I haven't marked any queens, yet. My first year, I never really saw them. Often, I don't see them and I don't look for them as hard as I used to, just relying on the signs (eggs and larvae) that one is there. In the future I might want to keep better track of them but that isn't here yet.

If you are managing your hives, you will know if there is a queen problem- swarm cells, supercedure cells, or a lack of eggs/larvae/brood.

I had big expansion plans when I started, all mapped out...but, it didn't happen the way I planned it. You are dealing with living creatures and the forces of nature, things don't always go according to plan. There are variables that you cannot control. You do the best you can to try to account for them, but it doesn't always work the way you want it to. I had planned on doubling every year but isn't hasn't worked out that way, there are a lot of things to learn, a lot of mistakes to be made, plus the luck (good and bad) of random chance.

My suggestion- primary focus is to learn to work with them, manage them, get them thru the Winter.

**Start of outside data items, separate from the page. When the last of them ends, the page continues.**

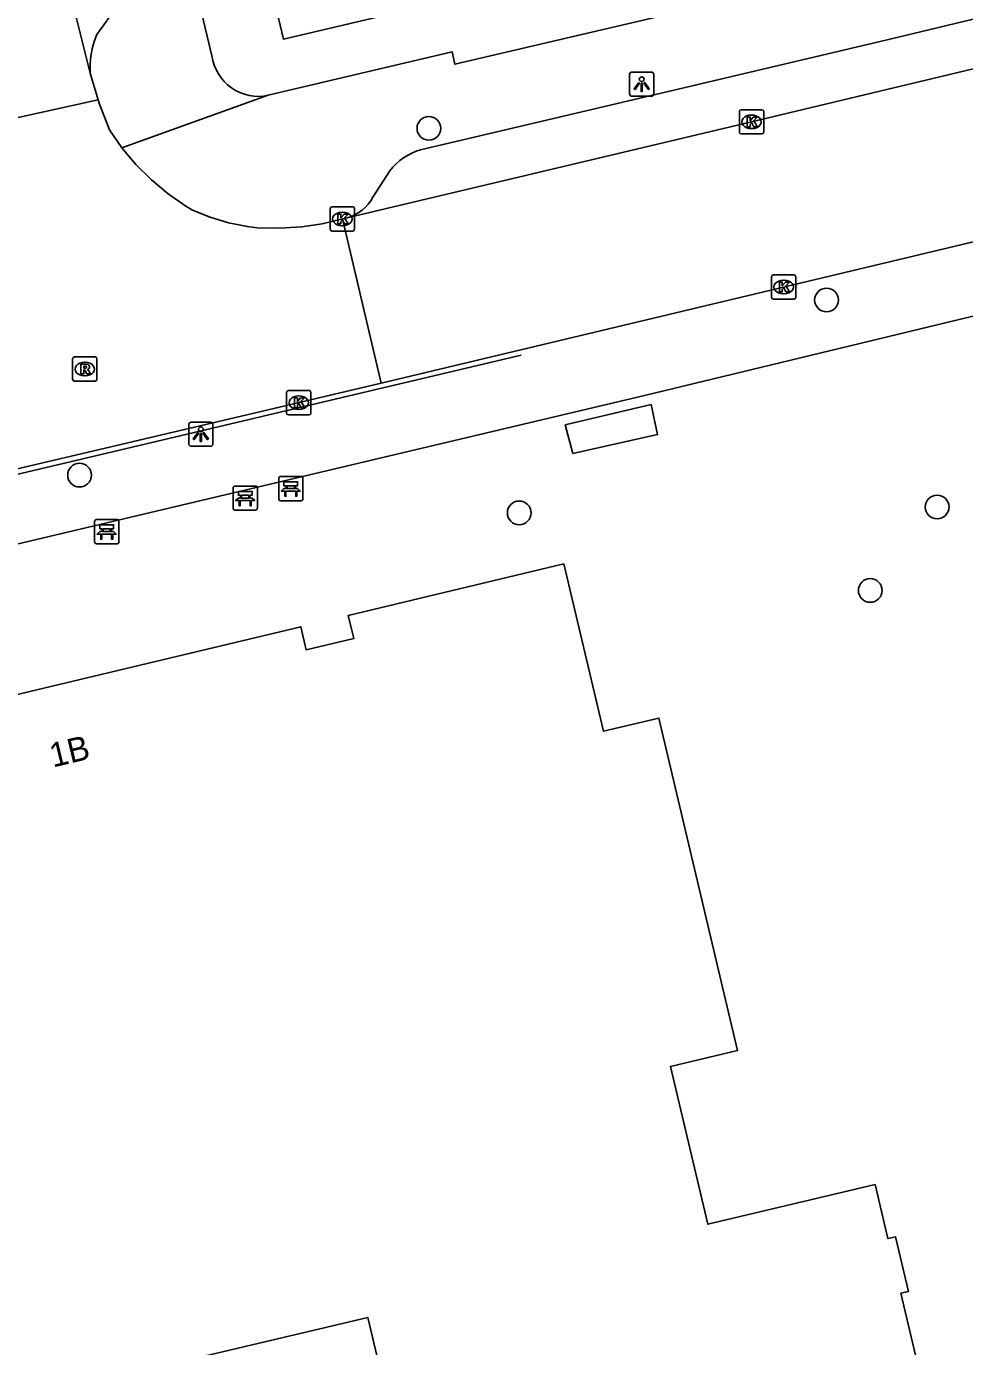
# Model space of a CAD drawing. Extents: x 158038 to 159242, y 380133 to 381214.
# Drawn here: x 158624 to 158662.7, y 380670.9 to 380725.4 of the extents above; entities that cross this region are included whole.
import ezdxf

# ---------------------------------------------------------------- set-up
doc = ezdxf.new("R2010")
doc.units = 0
for name, color, linetype in [('IMGEO_Bank', 7, 'Continuous'), ('IMGEO_Boom', 7, 'Continuous'), ('IMGEO_Hek', 7, 'Continuous'), ('IMGEO_Kolk', 7, 'Continuous'), ('IMGEO_Lichtpunt', 7, 'Continuous'), ('IMGEO_Muur', 7, 'Continuous'), ('IMGEO_Pand', 7, 'Continuous'), ('IMGEO_Pand_nummerreeks', 7, 'Continuous'), ('IMGEO_Rijbaan_lokaal_gesloten', 7, 'Continuous'), ('IMGEO_Rioolput', 7, 'Continuous'), ('IMGEO_Voetpad_gesloten', 7, 'Continuous'), ('IMGEO_Voetpad_open', 7, 'Continuous')]:
    doc.layers.add(name, color=color, linetype=linetype)

msp = doc.modelspace()

# ---------------------------------------------------------------- linework, layer by layer
at = {"layer": 'IMGEO_Bank'}
for p, q in [((158634.373, 380705.868), (158634.373, 380706.709)), ((158634.373, 380706.709), (158634.373, 380705.868)), ((158634.448, 380706.793), (158635.289, 380706.793)), ((158635.289, 380706.793), (158634.448, 380706.793)), ((158635.373, 380706.718), (158635.373, 380705.877)), ((158635.373, 380705.877), (158635.373, 380706.718)), ((158632.493, 380705.473), (158632.493, 380706.314)), ((158632.493, 380706.314), (158632.493, 380705.473)), ((158632.568, 380706.398), (158633.409, 380706.398)), ((158633.409, 380706.398), (158632.568, 380706.398)), ((158632.802, 380705.904), (158632.802, 380706.01)), ((158632.846, 380706.01), (158632.846, 380705.904)), ((158633.134, 380706.016), (158632.852, 380706.016)), ((158633.14, 380705.904), (158633.14, 380706.01)), ((158633.184, 380706.01), (158633.184, 380705.904)), ((158633.493, 380706.323), (158633.493, 380705.482)), ((158633.493, 380705.482), (158633.493, 380706.323)), ((158635.07, 380706.191), (158634.677, 380706.191)), ((158634.682, 380706.299), (158634.682, 380706.405)), ((158634.726, 380706.405), (158634.726, 380706.299)), ((158635.014, 380706.411), (158634.732, 380706.411)), ((158634.732, 380706.293), (158635.014, 380706.293)), ((158635.02, 380706.299), (158635.02, 380706.405)), ((158635.064, 380706.405), (158635.064, 380706.299)), ((158633.19, 380705.796), (158632.797, 380705.796)), ((158632.852, 380705.898), (158633.134, 380705.898)), ((158635.298, 380705.793), (158634.457, 380705.793)), ((158634.457, 380705.793), (158635.298, 380705.793)), ((158626.783, 380704.094), (158626.783, 380704.935)), ((158626.783, 380704.935), (158626.783, 380704.094)), ((158626.858, 380705.019), (158627.699, 380705.019)), ((158627.699, 380705.019), (158626.858, 380705.019)), ((158627.783, 380704.944), (158627.783, 380704.103)), ((158627.783, 380704.103), (158627.783, 380704.944)), ((158633.418, 380705.398), (158632.577, 380705.398)), ((158632.577, 380705.398), (158633.418, 380705.398)), ((158627.48, 380704.417), (158627.087, 380704.417)), ((158627.092, 380704.525), (158627.092, 380704.631)), ((158627.136, 380704.631), (158627.136, 380704.525)), ((158627.424, 380704.637), (158627.142, 380704.637)), ((158627.142, 380704.519), (158627.424, 380704.519)), ((158627.43, 380704.525), (158627.43, 380704.631)), ((158627.474, 380704.631), (158627.474, 380704.525)), ((158627.708, 380704.019), (158626.867, 380704.019)), ((158626.867, 380704.019), (158627.708, 380704.019))]:
    msp.add_line(p, q, dxfattribs=at)
for points in [[(158634.676, 380706.411), (158634.59, 380706.411), (158634.59, 380706.572), (158635.153, 380706.572), (158635.153, 380706.411), (158635.07, 380706.411)], [(158632.796, 380706.016), (158632.71, 380706.016), (158632.71, 380706.177), (158633.273, 380706.177), (158633.273, 380706.016), (158633.19, 380706.016)], [(158634.62, 380706.191), (158634.478, 380706.191), (158634.59, 380706.293), (158634.676, 380706.293)], [(158634.67, 380706.184), (158634.67, 380705.977), (158634.627, 380705.977), (158634.627, 380706.184)], [(158635.07, 380706.293), (158635.153, 380706.293), (158635.265, 380706.191), (158635.126, 380706.191)], [(158635.12, 380706.184), (158635.12, 380705.977), (158635.076, 380705.977), (158635.076, 380706.184)], [(158632.74, 380705.796), (158632.598, 380705.796), (158632.71, 380705.898), (158632.796, 380705.898)], [(158632.79, 380705.789), (158632.79, 380705.582), (158632.747, 380705.582), (158632.747, 380705.789)], [(158633.19, 380705.898), (158633.273, 380705.898), (158633.385, 380705.796), (158633.246, 380705.796)], [(158633.24, 380705.789), (158633.24, 380705.582), (158633.196, 380705.582), (158633.196, 380705.789)], [(158627.03, 380704.417), (158626.888, 380704.417), (158627, 380704.519), (158627.086, 380704.519)], [(158627.086, 380704.637), (158627, 380704.637), (158627, 380704.798), (158627.563, 380704.798), (158627.563, 380704.637), (158627.48, 380704.637)], [(158627.08, 380704.41), (158627.08, 380704.203), (158627.037, 380704.203), (158627.037, 380704.41)], [(158627.48, 380704.519), (158627.563, 380704.519), (158627.675, 380704.417), (158627.536, 380704.417)], [(158627.53, 380704.41), (158627.53, 380704.203), (158627.486, 380704.203), (158627.486, 380704.41)]]:
    msp.add_lwpolyline(points, dxfattribs=at)
for centre, radius, start, end in [((158634.451, 380706.715), 0.0779, 92.4484, 184.2845), ((158634.451, 380706.715), 0.0779, 92.4484, 184.2845), ((158635.295, 380706.715), 0.0779, 2.4484, 94.2845), ((158635.295, 380706.715), 0.0779, 2.4484, 94.2845), ((158632.571, 380706.32), 0.0779, 92.4484, 184.2845), ((158632.571, 380706.32), 0.0779, 92.4484, 184.2845), ((158632.795, 380706.009), 0.00671, 2.8957, 87.1043), ((158632.852, 380706.009), 0.00671, 92.8957, 177.1043), ((158633.134, 380706.009), 0.00671, 2.8957, 87.1043), ((158633.191, 380706.009), 0.00671, 92.8957, 177.1043), ((158633.415, 380706.32), 0.0779, 2.4484, 94.2845), ((158633.415, 380706.32), 0.0779, 2.4484, 94.2845), ((158634.62, 380706.184), 0.00671, 2.8957, 87.1043), ((158634.677, 380706.184), 0.00671, 92.8957, 177.1043), ((158634.675, 380706.404), 0.00671, 2.8957, 87.1043), ((158634.675, 380706.3), 0.00671, 272.8957, 357.1043), ((158634.732, 380706.404), 0.00671, 92.8957, 177.1043), ((158634.732, 380706.3), 0.00671, 182.8957, 267.1043), ((158635.014, 380706.404), 0.00671, 2.8957, 87.1043), ((158635.014, 380706.3), 0.00671, 272.8957, 357.1043), ((158635.071, 380706.404), 0.00671, 92.8957, 177.1043), ((158635.071, 380706.3), 0.00671, 182.8957, 267.1043), ((158635.069, 380706.184), 0.00671, 2.8957, 87.1043), ((158635.126, 380706.184), 0.00671, 92.8957, 177.1043), ((158632.571, 380705.476), 0.0779, 182.4484, 274.2845), ((158632.571, 380705.476), 0.0779, 182.4484, 274.2845), ((158632.74, 380705.789), 0.00671, 2.8957, 87.1043), ((158632.797, 380705.789), 0.00671, 92.8957, 177.1043), ((158632.795, 380705.905), 0.00671, 272.8957, 357.1043), ((158632.852, 380705.905), 0.00671, 182.8957, 267.1043), ((158633.134, 380705.905), 0.00671, 272.8957, 357.1043), ((158633.191, 380705.905), 0.00671, 182.8957, 267.1043), ((158633.189, 380705.789), 0.00671, 2.8957, 87.1043), ((158633.246, 380705.789), 0.00671, 92.8957, 177.1043), ((158633.415, 380705.476), 0.0779, 272.4484, 4.2845), ((158633.415, 380705.476), 0.0779, 272.4484, 4.2845), ((158634.451, 380705.871), 0.0779, 182.4484, 274.2845), ((158634.451, 380705.871), 0.0779, 182.4484, 274.2845), ((158635.295, 380705.871), 0.0779, 272.4484, 4.2845), ((158635.295, 380705.871), 0.0779, 272.4484, 4.2845), ((158626.861, 380704.941), 0.0779, 92.4484, 184.2845), ((158626.861, 380704.941), 0.0779, 92.4484, 184.2845), ((158627.705, 380704.941), 0.0779, 2.4484, 94.2845), ((158627.705, 380704.941), 0.0779, 2.4484, 94.2845), ((158627.03, 380704.41), 0.00671, 2.8957, 87.1043), ((158627.087, 380704.41), 0.00671, 92.8957, 177.1043), ((158627.085, 380704.63), 0.00671, 2.8957, 87.1043), ((158627.085, 380704.526), 0.00671, 272.8957, 357.1043), ((158627.142, 380704.63), 0.00671, 92.8957, 177.1043), ((158627.142, 380704.526), 0.00671, 182.8957, 267.1043), ((158627.424, 380704.63), 0.00671, 2.8957, 87.1043), ((158627.424, 380704.526), 0.00671, 272.8957, 357.1043), ((158627.481, 380704.63), 0.00671, 92.8957, 177.1043), ((158627.481, 380704.526), 0.00671, 182.8957, 267.1043), ((158627.479, 380704.41), 0.00671, 2.8957, 87.1043), ((158627.536, 380704.41), 0.00671, 92.8957, 177.1043), ((158626.861, 380704.097), 0.0779, 182.4484, 274.2845), ((158626.861, 380704.097), 0.0779, 182.4484, 274.2845), ((158627.705, 380704.097), 0.0779, 272.4484, 4.2845), ((158627.705, 380704.097), 0.0779, 272.4484, 4.2845)]:
    msp.add_arc(centre, radius, start, end, dxfattribs=at)
at = {"layer": 'IMGEO_Boom'}
for centre in [(158640.567, 380721.156), (158656.963, 380714.072), (158626.161, 380706.848), (158661.525, 380705.534), (158644.293, 380705.29), (158658.767, 380702.092)]:
    msp.add_circle(centre, 0.489, dxfattribs=at)
at = {"layer": 'IMGEO_Hek'}
msp.add_lwpolyline([(158616.35, 380705.173), (158644.367, 380711.795)], dxfattribs=at)
at = {"layer": 'IMGEO_Kolk'}
for p, q in [((158653.371, 380720.996), (158653.371, 380721.848)), ((158653.446, 380721.922), (158654.298, 380721.922)), ((158654.372, 380721.848), (158654.372, 380720.996)), ((158653.859, 380721.702), (158653.884, 380721.702)), ((158654.298, 380720.922), (158653.446, 380720.922)), ((158653.882, 380721.142), (158653.857, 380721.142)), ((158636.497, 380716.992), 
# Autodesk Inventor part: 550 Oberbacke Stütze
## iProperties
Shininess: 64.0
Length Units: 11269
Angle Units: 11279
Time Units: 11290
Mass Units: 11283
Length Display Precision: 3
Angle Display Precision: 2
Compacted: True
Part Number: 550 Oberbacke Stütze
Document SubType Name: Modeling
Created: 2004-05
Designer: rs-44
Manufacturer: Standard
Standards Organization: Custom
Density: 0.0
Volumn: 0.0
Area: 0.0
PropertySet Name: Model Information
Control State: 0
Master: False
Checked Out: False
Author: rs-44
Revision Number: A
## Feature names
1. Extrusion4
2. Fase1 [Chamfer]
3. Bohrung1 [Hole]
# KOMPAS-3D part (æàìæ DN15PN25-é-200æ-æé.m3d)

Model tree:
1. Объединить компоненты:1  (labels: СЕНС DN15PN25-В-200С)
2. Эскиз:1
3. Операция выдавливания:1
     Расстояние 1 = 14
4. Фаска:1
     Угол = 45; Длина 1 = 2; Длина 2 = 2

Referenced files in D:\Савин\!СЕНСОР\3D для заказчика\!Новый перечень\СЕНС\4. СЕНС-В-200С\DN15\: СЕНС DN15PN25-В-200С.a3d
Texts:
  СЕНС DN15PN25-В-200С-СВ
  ООО НПП Сенсор
  СЕНС DN15PN25-В-200С

Second- if you have the time, and they are strong enough, you may want to experiment with starting a nuc and raising a queen, but if you are starting from scratch and have no drawn comb your bees are going to have a lot of work to do to get established.


----------



## WilliamsHoneyBees (Feb 17, 2010)

http://i184.photobucket.com/albums/x58/danwill73/8-12-13 052.jpg

Ever notice how outgoing kids are? Sometimes it worries me!  This is my boy, he was 4 at the time. Practice on drones and once you get the hang of it start marking them.


----------



## WilliamsHoneyBees (Feb 17, 2010)

http://i184.photobucket.com/albums/x58/danwill73/8-12-13%20048.jpg


----------



## WilliamsHoneyBees (Feb 17, 2010)

http://i184.photobucket.com/albums/x58/danwill73/8-12-13%20044.jpg

Sorry pictures are not in order. Grab queen by queens off the frame with your dominate hand, switch to non dominate hand holding her by her thorax, put dot of paint on thorax, gently push paint down on thorax with a spare finger (pinky), and allow a minute for the paint to dry. A few tips. 1. If the queen starts to run on the comb, quit trying to catch her. 2. If you drop the queen on the ground, place a frame of brood next to her and she will climb up on that frame of brood. 3. If the queen takes off flying (rarely happens, especially if she isn't running) put lid back on hive and most of the time she will be back in the hive later. 4. If the paint pens are hot they can dump paint on your queen. I touch the paint pen on a top bar before marking the queen. You just need the tip barely wet with paint and keep the pen in your pocket not your truck.


----------



## Banemorth (Feb 28, 2015)

Great pictures and tips! 

So help me spend my money guys. I'm putting in a Mann Lake order. What do I buy? 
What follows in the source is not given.